The iterations of Potter fraud and imitation are so copious they must be peeled back by the layer.

As in some other countries, there are unauthorized translations of real Harry Potter books and sometimes more than one version of a particular title may be available here.

There are books masquerading as works written by Rowling. There are copies of the genuine items - both English and Chinese - scanned, reprinted, bound and sold for a fraction of the authorized texts.

There are Harry Potter books published under names, real or assumed, of Chinese authors. There are books published under the imprint of major, established Chinese publishing houses, which the publishers themselves claim no knowledge of. And there are books by budding Chinese writers hoping to piggyback the series’ fame and make it as authors, sometimes only to have their fake Potters copied and distributed by underground publishers who, naturally, pay them no royalties.
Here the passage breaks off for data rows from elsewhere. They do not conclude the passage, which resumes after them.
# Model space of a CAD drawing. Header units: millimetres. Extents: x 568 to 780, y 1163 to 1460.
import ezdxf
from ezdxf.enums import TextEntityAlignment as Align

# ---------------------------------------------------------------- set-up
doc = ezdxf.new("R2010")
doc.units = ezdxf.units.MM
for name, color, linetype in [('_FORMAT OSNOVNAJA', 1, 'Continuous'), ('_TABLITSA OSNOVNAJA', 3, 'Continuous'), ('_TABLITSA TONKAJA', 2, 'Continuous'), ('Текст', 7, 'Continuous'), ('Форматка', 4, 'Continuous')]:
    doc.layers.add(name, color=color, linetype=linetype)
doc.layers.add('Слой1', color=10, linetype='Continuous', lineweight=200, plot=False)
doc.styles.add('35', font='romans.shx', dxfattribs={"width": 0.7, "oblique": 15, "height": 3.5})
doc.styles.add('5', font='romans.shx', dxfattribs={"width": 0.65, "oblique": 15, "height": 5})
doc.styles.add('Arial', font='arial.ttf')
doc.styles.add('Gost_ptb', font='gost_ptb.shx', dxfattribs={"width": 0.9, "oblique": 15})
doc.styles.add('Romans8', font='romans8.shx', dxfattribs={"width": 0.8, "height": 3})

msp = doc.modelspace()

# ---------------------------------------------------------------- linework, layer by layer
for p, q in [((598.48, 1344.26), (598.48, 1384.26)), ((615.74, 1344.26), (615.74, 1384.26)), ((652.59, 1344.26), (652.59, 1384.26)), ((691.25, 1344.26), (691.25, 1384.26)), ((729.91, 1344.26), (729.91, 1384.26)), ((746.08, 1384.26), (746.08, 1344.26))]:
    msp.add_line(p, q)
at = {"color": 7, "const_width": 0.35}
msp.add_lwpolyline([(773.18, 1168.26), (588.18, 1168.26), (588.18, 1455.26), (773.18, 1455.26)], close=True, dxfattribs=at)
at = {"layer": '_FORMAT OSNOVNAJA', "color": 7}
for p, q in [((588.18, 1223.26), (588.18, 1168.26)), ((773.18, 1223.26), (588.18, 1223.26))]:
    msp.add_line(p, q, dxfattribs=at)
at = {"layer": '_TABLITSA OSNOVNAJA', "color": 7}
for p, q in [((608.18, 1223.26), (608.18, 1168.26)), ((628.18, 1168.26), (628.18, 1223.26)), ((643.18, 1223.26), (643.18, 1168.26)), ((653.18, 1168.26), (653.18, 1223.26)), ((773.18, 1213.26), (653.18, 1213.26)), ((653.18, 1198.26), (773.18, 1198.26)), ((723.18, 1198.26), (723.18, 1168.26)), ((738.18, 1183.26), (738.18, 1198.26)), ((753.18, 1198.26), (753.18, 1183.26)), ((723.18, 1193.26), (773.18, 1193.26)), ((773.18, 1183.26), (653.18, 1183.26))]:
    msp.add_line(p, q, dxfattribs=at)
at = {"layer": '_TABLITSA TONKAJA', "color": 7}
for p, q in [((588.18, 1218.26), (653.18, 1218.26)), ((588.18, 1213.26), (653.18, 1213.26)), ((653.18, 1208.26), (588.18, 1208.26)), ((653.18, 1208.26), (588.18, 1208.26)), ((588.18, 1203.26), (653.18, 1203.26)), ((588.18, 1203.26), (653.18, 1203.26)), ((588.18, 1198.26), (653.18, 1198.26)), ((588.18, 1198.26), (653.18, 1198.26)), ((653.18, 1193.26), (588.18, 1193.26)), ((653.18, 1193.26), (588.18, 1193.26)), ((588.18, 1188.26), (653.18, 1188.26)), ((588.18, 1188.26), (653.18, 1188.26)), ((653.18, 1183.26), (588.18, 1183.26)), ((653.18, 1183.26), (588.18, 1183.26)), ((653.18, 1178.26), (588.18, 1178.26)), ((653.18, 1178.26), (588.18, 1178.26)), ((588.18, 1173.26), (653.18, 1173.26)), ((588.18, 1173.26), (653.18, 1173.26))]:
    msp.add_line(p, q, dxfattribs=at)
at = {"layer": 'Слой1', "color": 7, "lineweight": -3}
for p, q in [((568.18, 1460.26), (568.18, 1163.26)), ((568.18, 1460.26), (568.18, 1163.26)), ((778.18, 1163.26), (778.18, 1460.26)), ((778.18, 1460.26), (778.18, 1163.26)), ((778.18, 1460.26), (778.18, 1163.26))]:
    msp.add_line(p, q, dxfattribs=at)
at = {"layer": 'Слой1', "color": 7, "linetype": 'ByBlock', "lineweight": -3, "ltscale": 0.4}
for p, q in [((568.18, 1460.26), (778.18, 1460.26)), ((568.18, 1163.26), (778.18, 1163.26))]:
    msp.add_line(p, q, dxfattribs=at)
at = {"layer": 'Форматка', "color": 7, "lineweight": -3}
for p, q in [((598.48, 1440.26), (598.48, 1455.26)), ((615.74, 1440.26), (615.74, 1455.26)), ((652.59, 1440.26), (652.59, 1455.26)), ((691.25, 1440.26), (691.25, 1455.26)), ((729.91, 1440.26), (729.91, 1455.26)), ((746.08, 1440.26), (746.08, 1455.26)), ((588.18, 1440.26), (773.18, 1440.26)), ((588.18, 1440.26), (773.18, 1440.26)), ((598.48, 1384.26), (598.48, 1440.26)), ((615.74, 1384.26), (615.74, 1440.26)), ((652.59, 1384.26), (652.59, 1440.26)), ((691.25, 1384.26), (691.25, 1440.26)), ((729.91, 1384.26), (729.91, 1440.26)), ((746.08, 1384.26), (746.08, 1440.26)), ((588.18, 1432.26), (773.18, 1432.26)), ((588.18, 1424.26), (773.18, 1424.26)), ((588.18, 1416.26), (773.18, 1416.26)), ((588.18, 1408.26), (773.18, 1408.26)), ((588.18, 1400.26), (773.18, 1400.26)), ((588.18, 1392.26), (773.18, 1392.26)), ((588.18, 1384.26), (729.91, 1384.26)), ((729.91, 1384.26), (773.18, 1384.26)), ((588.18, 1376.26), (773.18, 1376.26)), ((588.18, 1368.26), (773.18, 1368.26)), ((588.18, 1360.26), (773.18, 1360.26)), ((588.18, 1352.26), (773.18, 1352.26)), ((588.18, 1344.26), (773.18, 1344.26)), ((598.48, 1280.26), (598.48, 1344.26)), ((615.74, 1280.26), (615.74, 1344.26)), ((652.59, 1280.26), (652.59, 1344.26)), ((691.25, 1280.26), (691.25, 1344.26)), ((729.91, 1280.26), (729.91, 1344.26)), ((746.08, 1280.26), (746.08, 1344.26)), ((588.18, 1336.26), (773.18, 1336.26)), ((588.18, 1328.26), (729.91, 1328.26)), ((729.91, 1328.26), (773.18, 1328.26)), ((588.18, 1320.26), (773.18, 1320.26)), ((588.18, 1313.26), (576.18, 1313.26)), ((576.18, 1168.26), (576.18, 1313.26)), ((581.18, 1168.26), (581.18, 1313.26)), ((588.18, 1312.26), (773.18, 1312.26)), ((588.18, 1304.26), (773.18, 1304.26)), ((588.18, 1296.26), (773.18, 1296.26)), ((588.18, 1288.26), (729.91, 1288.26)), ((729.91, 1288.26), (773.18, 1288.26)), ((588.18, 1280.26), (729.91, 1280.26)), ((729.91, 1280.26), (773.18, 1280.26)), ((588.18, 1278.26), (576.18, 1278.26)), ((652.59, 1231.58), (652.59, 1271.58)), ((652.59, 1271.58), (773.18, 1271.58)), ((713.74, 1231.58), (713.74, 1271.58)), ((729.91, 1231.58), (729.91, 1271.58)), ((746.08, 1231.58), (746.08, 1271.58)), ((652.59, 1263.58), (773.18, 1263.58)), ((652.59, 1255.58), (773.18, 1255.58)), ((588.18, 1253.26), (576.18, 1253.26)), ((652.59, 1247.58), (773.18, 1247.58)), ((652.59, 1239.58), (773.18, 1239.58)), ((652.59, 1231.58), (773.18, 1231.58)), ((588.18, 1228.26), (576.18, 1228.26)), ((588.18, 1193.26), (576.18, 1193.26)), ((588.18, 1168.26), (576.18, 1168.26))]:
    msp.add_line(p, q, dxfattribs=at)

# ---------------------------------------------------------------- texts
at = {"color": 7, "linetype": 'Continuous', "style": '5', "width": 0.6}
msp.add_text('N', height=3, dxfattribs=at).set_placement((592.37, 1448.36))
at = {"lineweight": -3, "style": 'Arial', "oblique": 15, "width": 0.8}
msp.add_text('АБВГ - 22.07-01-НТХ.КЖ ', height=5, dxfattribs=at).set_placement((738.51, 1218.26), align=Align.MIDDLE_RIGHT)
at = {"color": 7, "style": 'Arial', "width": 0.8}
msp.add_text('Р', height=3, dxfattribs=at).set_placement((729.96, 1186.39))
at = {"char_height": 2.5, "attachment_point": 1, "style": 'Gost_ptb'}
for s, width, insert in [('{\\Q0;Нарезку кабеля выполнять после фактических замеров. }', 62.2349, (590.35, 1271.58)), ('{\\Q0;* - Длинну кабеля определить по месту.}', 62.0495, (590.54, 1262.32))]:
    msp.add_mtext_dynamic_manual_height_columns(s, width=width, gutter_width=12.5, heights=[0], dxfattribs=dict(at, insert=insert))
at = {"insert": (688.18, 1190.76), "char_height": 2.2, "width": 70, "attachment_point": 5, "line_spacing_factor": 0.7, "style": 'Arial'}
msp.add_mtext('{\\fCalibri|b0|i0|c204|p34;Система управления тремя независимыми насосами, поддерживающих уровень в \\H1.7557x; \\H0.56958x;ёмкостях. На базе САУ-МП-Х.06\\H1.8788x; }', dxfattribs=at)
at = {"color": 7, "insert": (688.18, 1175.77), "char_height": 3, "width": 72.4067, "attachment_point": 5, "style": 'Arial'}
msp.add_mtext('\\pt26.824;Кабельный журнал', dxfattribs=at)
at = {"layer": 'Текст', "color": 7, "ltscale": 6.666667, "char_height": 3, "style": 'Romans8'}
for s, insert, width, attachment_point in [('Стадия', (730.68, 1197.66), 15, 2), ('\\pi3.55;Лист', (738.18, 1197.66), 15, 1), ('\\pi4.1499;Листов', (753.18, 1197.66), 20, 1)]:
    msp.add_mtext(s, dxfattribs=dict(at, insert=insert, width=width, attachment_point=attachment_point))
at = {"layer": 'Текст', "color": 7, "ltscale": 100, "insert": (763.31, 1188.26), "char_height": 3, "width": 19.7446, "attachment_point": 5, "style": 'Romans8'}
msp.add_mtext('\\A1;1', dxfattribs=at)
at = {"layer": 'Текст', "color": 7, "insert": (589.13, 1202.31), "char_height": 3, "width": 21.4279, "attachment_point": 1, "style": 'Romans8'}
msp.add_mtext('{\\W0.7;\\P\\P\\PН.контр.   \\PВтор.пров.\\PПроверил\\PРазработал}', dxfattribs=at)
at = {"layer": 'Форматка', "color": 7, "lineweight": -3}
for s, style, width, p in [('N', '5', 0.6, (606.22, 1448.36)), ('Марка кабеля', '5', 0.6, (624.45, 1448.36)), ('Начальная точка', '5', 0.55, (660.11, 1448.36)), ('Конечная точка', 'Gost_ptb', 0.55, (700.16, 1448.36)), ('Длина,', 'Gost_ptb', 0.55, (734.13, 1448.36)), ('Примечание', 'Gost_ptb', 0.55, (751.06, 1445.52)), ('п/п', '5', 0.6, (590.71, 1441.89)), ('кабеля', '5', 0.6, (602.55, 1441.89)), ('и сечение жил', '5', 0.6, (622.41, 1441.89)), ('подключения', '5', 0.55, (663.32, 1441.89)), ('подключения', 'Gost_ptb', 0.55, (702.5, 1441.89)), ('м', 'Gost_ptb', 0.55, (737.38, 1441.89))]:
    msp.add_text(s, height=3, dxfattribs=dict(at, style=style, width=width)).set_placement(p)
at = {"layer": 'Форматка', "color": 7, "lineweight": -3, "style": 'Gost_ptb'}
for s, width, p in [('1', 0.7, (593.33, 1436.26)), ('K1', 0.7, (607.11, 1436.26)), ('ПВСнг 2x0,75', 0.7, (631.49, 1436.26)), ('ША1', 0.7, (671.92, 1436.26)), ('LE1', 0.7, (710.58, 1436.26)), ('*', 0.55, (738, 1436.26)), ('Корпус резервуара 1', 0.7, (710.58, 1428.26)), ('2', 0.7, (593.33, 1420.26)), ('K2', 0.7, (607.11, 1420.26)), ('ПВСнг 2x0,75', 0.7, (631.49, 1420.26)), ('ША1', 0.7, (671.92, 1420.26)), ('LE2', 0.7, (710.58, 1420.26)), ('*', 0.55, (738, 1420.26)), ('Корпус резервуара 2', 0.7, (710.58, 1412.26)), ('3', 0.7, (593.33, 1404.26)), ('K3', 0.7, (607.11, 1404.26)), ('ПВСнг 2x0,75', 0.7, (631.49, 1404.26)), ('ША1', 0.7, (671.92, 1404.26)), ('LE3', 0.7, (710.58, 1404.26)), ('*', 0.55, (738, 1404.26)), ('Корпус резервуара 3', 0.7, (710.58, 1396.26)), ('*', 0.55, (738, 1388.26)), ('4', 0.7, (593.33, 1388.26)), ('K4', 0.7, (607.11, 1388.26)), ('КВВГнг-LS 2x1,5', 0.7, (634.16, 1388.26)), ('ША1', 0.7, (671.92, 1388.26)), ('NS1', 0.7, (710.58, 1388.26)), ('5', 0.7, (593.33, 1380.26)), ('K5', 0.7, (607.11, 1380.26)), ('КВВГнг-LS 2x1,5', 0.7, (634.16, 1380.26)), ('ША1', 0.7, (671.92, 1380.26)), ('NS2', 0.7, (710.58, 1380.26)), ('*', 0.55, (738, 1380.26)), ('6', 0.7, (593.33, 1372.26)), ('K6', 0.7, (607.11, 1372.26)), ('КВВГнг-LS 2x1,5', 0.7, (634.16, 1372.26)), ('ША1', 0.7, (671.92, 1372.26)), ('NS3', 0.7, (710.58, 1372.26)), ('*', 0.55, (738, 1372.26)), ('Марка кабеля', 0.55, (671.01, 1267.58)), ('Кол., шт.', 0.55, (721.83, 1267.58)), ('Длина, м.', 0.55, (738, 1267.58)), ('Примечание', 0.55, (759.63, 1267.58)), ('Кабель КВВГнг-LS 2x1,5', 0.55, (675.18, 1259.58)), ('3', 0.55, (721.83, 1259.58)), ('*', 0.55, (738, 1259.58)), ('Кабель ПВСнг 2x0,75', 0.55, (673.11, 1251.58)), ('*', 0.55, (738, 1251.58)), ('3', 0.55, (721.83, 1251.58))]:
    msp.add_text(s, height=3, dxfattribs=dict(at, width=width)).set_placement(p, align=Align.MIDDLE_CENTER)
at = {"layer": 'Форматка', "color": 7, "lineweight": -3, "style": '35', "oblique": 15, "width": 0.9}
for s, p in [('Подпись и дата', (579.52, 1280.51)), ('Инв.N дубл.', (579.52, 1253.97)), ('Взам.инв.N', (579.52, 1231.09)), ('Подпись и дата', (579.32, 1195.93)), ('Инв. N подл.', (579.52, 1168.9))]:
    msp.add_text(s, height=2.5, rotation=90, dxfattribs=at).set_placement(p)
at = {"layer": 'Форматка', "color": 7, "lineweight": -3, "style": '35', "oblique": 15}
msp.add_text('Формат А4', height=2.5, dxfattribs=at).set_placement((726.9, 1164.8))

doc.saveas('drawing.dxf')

“I bought Harry Potter 1-6 for my son a couple of years ago, and when he finished reading them he kept asking me to tell him what happens next,” said Li Jingsheng, one such author, a manager at a Shanghai textile factory. “We couldn’t wait, so I began making up my own story and in May last year I typed it up on my computer. I had to get up early and go to bed late to write this novel, usually spending one hour, from 6 to 7 in the morning and 10 to 11 in the evening to write it, averaging about 3,000 words a day.”

The result was “Harry Potter and the Showdown,” a 250,000-word novel, the final version of which he placed recently on Web sites, followed by a notice saying he was looking for publishers. The book quickly logged 150,000 readers on a popular Chinese site, Baidu.com’s Harry Potter fan Web page.

“This is fantastic,” Gu Guaiguai, an admiring reader, wrote online about “Showdown.” “I wonder if Rowling would bother to continue to write if she had read it.”